Exercise requirements:
Retype, exactly and only, each line from the one containing "(3612518.62, 536104.43)], dxfattribs=at)" to the end of the records below.

Records:

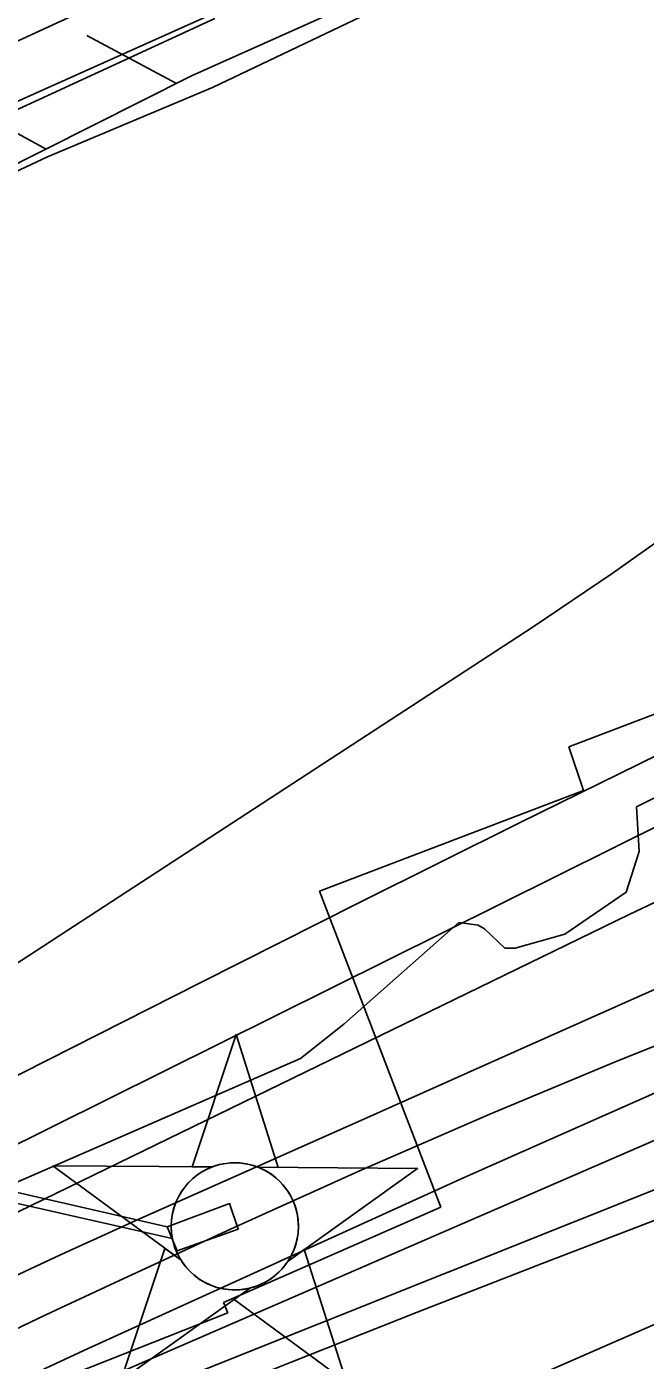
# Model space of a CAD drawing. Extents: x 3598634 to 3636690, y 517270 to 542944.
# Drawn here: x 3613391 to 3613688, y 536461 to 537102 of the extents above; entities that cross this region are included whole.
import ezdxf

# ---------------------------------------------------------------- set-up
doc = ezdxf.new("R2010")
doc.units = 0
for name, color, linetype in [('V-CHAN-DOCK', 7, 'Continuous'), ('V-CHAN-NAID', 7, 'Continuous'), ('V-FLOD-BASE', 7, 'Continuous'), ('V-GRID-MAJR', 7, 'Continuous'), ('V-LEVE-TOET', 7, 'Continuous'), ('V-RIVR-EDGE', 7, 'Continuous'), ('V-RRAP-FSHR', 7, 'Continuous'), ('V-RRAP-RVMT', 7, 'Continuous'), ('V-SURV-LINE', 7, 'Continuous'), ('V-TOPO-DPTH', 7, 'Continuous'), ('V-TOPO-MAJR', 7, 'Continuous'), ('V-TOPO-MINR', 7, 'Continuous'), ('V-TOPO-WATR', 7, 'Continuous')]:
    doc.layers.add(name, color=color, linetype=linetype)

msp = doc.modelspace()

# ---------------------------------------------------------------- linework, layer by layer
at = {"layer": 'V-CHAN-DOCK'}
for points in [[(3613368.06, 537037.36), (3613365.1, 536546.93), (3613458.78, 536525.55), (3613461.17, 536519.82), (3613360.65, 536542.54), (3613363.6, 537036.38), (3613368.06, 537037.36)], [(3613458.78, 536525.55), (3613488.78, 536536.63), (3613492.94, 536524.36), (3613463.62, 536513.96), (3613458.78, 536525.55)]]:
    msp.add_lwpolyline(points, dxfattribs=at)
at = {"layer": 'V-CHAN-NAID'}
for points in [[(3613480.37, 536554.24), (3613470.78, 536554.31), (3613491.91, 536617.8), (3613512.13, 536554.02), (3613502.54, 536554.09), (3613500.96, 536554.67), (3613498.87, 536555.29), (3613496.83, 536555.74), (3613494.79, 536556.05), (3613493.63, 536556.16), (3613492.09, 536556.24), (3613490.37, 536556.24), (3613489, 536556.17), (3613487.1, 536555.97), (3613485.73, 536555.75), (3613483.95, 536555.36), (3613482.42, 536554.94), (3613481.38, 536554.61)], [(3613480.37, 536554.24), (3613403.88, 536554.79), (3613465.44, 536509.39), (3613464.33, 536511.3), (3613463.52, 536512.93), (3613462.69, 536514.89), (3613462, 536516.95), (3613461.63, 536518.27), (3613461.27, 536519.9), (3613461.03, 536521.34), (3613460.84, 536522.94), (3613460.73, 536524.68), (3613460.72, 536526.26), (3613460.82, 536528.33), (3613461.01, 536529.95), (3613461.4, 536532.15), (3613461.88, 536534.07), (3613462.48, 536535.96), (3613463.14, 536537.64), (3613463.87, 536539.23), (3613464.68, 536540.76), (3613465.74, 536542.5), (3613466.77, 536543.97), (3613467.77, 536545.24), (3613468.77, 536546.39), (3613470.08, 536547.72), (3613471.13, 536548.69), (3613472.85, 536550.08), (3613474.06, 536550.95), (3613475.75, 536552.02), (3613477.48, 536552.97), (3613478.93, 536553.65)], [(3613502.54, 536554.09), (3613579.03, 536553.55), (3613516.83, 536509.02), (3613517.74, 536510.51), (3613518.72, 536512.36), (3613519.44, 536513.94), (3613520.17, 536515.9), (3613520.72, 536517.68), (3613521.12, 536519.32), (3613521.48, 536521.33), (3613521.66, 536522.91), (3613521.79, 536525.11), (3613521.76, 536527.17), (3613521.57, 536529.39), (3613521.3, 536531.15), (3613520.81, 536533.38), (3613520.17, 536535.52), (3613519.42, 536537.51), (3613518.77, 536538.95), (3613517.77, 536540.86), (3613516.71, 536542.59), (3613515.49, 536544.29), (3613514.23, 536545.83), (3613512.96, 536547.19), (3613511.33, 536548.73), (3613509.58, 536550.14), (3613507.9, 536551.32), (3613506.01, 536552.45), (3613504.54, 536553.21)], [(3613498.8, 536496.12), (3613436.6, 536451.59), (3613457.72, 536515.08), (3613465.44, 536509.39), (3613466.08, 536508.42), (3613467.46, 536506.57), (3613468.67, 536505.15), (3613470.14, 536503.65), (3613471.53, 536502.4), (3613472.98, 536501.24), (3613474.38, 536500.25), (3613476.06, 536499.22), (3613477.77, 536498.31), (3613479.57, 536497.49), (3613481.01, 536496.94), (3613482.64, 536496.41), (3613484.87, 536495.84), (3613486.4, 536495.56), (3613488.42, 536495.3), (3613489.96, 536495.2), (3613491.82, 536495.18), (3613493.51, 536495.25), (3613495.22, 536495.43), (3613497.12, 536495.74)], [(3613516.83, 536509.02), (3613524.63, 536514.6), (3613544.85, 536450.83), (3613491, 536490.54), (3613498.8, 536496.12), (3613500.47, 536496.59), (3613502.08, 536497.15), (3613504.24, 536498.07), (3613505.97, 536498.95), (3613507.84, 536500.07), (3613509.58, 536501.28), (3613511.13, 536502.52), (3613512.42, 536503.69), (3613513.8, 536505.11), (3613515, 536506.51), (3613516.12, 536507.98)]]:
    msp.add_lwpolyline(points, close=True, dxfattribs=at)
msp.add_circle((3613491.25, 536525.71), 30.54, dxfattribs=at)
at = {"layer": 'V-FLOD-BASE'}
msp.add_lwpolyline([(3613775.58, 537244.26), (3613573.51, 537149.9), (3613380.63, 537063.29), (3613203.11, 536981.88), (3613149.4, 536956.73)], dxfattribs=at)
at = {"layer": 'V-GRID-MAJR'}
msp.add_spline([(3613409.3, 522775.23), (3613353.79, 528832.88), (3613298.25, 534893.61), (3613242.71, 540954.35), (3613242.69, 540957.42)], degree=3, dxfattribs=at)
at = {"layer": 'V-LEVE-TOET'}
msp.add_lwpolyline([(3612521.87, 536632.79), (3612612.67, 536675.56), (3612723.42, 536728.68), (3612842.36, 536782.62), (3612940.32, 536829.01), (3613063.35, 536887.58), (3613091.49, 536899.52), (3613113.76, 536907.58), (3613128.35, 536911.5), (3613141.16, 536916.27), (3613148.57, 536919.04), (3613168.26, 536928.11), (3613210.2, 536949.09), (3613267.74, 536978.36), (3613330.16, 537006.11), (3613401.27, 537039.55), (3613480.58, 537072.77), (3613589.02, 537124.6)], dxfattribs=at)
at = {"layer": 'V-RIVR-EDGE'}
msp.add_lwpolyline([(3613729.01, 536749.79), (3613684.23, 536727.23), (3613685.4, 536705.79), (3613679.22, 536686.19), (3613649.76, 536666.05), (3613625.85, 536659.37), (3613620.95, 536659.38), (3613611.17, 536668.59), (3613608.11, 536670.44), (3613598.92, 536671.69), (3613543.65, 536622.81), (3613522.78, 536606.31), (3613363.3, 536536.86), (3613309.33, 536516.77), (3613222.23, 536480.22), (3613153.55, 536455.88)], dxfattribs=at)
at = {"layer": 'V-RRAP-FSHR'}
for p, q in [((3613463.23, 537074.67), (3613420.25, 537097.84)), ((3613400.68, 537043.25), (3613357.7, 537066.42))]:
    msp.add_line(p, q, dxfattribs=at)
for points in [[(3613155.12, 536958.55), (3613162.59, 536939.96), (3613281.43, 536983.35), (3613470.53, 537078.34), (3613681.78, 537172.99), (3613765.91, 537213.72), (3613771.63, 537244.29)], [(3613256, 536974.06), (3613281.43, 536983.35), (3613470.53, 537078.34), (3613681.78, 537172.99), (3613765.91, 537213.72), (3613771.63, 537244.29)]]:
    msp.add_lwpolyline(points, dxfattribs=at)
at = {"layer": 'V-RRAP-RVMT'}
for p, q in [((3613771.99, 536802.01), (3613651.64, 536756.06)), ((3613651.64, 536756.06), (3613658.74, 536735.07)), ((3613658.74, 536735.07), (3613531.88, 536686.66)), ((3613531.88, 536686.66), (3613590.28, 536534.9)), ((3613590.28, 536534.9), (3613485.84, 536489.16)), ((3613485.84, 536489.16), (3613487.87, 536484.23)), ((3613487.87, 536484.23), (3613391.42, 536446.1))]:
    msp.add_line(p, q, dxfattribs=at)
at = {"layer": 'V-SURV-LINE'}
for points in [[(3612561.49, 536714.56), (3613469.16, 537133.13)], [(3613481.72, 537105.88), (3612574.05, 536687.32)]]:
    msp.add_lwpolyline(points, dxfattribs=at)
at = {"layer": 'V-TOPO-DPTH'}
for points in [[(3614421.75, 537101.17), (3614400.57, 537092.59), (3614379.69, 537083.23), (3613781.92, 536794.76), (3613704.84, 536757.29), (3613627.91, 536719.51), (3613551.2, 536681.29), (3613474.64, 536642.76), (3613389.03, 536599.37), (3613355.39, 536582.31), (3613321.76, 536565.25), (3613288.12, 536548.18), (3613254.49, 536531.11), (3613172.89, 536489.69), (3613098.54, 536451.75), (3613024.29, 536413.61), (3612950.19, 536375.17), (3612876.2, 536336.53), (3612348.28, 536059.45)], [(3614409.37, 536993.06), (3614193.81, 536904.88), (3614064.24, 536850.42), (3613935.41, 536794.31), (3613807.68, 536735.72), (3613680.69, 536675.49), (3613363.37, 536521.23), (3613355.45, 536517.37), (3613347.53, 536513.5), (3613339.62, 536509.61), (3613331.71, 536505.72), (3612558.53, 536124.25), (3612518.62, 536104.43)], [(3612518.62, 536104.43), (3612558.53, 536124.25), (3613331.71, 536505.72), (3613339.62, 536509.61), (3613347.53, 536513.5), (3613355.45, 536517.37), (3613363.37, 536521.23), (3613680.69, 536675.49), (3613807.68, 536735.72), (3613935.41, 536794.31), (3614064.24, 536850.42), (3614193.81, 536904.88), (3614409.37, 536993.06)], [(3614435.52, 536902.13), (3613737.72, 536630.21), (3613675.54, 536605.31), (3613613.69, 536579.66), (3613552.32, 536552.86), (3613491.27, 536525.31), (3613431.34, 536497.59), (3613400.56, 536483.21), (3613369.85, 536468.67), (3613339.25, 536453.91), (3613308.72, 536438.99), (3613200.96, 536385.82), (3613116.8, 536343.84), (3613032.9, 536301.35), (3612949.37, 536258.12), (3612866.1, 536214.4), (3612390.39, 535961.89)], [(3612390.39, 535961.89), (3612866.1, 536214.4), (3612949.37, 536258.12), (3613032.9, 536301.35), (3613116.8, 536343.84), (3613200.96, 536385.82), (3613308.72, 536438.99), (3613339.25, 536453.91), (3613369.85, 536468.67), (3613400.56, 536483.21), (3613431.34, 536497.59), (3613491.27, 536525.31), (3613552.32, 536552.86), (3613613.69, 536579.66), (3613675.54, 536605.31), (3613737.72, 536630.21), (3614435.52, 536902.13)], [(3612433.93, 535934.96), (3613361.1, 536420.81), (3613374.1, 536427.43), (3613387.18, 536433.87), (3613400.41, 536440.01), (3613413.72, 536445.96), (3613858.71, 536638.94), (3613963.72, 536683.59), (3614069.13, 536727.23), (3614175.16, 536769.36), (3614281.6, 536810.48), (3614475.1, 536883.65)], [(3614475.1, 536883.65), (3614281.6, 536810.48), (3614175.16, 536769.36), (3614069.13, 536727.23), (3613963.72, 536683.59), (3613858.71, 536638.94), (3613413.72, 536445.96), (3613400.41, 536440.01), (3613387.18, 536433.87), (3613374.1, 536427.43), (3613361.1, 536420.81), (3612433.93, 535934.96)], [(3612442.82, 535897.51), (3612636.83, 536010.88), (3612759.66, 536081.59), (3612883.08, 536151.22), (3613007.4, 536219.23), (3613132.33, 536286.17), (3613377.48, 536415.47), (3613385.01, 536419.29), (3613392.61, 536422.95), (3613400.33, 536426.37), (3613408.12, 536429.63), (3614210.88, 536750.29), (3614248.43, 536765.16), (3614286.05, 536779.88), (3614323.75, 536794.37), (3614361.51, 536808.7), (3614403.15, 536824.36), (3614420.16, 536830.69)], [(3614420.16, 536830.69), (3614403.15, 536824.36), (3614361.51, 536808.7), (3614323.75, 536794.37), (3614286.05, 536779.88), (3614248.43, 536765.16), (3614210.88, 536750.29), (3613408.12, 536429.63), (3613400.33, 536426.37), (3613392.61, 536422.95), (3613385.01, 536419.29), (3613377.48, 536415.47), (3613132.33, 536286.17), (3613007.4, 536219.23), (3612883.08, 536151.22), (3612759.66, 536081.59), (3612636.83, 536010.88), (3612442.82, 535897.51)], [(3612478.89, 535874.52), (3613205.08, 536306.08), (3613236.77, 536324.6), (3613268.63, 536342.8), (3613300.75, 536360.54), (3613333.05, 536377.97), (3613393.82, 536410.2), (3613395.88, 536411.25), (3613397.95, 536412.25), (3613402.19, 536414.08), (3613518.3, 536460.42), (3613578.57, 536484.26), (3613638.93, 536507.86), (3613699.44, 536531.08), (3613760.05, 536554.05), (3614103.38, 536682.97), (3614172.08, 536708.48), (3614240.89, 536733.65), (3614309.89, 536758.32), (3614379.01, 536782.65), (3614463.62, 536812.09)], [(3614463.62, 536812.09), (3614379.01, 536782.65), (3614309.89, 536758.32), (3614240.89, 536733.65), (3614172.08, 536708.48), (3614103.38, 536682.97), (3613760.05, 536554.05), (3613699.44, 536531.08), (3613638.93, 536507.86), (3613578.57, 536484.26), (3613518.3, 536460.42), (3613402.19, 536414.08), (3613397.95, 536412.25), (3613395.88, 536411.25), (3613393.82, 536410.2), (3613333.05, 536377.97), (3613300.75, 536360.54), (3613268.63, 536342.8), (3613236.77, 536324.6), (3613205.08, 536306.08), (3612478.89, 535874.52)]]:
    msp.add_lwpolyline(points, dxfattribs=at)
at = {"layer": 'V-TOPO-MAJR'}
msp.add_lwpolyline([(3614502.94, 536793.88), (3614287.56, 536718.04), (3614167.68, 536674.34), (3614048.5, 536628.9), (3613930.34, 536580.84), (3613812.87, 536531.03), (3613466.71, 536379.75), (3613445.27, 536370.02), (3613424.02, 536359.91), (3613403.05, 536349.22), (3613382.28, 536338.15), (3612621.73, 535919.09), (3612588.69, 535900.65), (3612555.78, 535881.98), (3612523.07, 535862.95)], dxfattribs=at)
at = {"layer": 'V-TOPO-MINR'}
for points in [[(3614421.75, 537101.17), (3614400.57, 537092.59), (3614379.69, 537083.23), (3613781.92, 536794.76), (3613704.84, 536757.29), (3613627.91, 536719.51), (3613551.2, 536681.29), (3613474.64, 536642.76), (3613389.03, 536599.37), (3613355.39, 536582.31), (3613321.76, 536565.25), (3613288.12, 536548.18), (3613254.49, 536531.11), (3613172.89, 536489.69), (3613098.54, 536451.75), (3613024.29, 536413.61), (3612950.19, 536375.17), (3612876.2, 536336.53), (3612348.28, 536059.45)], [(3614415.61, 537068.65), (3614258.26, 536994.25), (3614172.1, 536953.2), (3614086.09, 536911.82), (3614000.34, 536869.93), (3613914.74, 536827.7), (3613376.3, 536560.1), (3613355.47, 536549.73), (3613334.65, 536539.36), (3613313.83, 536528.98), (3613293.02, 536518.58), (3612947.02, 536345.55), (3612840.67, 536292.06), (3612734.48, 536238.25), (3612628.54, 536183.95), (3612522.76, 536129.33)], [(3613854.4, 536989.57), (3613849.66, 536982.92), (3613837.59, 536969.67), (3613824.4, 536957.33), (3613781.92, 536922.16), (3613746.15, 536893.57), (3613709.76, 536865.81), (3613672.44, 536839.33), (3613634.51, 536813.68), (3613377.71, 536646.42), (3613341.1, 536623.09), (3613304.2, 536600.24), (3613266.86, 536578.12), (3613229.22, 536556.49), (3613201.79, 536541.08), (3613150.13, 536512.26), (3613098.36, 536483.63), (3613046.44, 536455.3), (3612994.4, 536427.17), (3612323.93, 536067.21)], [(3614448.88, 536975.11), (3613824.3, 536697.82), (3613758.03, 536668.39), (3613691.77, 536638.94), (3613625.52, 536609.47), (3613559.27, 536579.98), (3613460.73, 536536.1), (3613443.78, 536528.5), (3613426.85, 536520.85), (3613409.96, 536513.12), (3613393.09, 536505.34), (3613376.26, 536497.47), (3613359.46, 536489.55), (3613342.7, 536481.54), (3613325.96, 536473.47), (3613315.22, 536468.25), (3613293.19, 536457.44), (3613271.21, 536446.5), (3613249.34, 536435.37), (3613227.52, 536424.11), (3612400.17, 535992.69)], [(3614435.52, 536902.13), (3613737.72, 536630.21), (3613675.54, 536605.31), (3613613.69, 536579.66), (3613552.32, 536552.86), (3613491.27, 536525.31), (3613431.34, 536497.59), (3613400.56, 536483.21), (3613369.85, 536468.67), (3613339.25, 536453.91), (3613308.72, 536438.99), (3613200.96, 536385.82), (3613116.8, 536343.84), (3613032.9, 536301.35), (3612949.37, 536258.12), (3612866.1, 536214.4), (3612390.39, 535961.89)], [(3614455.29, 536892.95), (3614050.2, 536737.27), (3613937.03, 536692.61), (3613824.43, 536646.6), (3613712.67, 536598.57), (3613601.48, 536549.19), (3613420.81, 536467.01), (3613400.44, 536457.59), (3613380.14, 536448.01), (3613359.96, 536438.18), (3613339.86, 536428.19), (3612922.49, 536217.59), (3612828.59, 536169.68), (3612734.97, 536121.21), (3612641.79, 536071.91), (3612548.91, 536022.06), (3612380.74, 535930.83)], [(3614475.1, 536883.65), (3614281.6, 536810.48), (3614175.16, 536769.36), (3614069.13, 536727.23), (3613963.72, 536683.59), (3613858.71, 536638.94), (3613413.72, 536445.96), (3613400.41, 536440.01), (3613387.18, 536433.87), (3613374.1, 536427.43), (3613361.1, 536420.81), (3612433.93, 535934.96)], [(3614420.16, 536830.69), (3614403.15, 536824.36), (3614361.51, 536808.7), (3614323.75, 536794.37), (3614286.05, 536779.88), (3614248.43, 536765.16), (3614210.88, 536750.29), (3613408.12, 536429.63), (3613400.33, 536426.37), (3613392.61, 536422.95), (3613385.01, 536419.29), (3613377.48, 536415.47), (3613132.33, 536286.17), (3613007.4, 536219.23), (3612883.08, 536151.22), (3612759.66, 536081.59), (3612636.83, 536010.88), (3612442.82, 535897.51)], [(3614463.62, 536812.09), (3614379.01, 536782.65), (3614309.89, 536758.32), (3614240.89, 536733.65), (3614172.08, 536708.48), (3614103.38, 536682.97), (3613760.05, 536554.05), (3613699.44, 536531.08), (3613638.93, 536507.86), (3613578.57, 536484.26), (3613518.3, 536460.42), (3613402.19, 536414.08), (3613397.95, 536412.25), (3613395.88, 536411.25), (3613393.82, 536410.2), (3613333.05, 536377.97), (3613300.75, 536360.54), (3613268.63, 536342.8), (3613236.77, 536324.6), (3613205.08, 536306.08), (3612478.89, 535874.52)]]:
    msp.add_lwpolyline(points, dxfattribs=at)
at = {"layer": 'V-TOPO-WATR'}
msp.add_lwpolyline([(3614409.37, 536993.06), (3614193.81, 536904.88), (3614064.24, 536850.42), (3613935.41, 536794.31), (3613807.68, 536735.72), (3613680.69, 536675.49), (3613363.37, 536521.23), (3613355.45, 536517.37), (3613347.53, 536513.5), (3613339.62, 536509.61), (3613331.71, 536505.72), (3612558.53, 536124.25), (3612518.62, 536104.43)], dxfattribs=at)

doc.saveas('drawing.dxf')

Exercise output:
msp.add_lwpolyline([(3614409.37, 536993.06), (3614193.81, 536904.88), (3614064.24, 536850.42), (3613935.41, 536794.31), (3613807.68, 536735.72), (3613680.69, 536675.49), (3613363.37, 536521.23), (3613355.45, 536517.37), (3613347.53, 536513.5), (3613339.62, 536509.61), (3613331.71, 536505.72), (3612558.53, 536124.25), (3612518.62, 536104.43)], dxfattribs=at)

doc.saveas('drawing.dxf')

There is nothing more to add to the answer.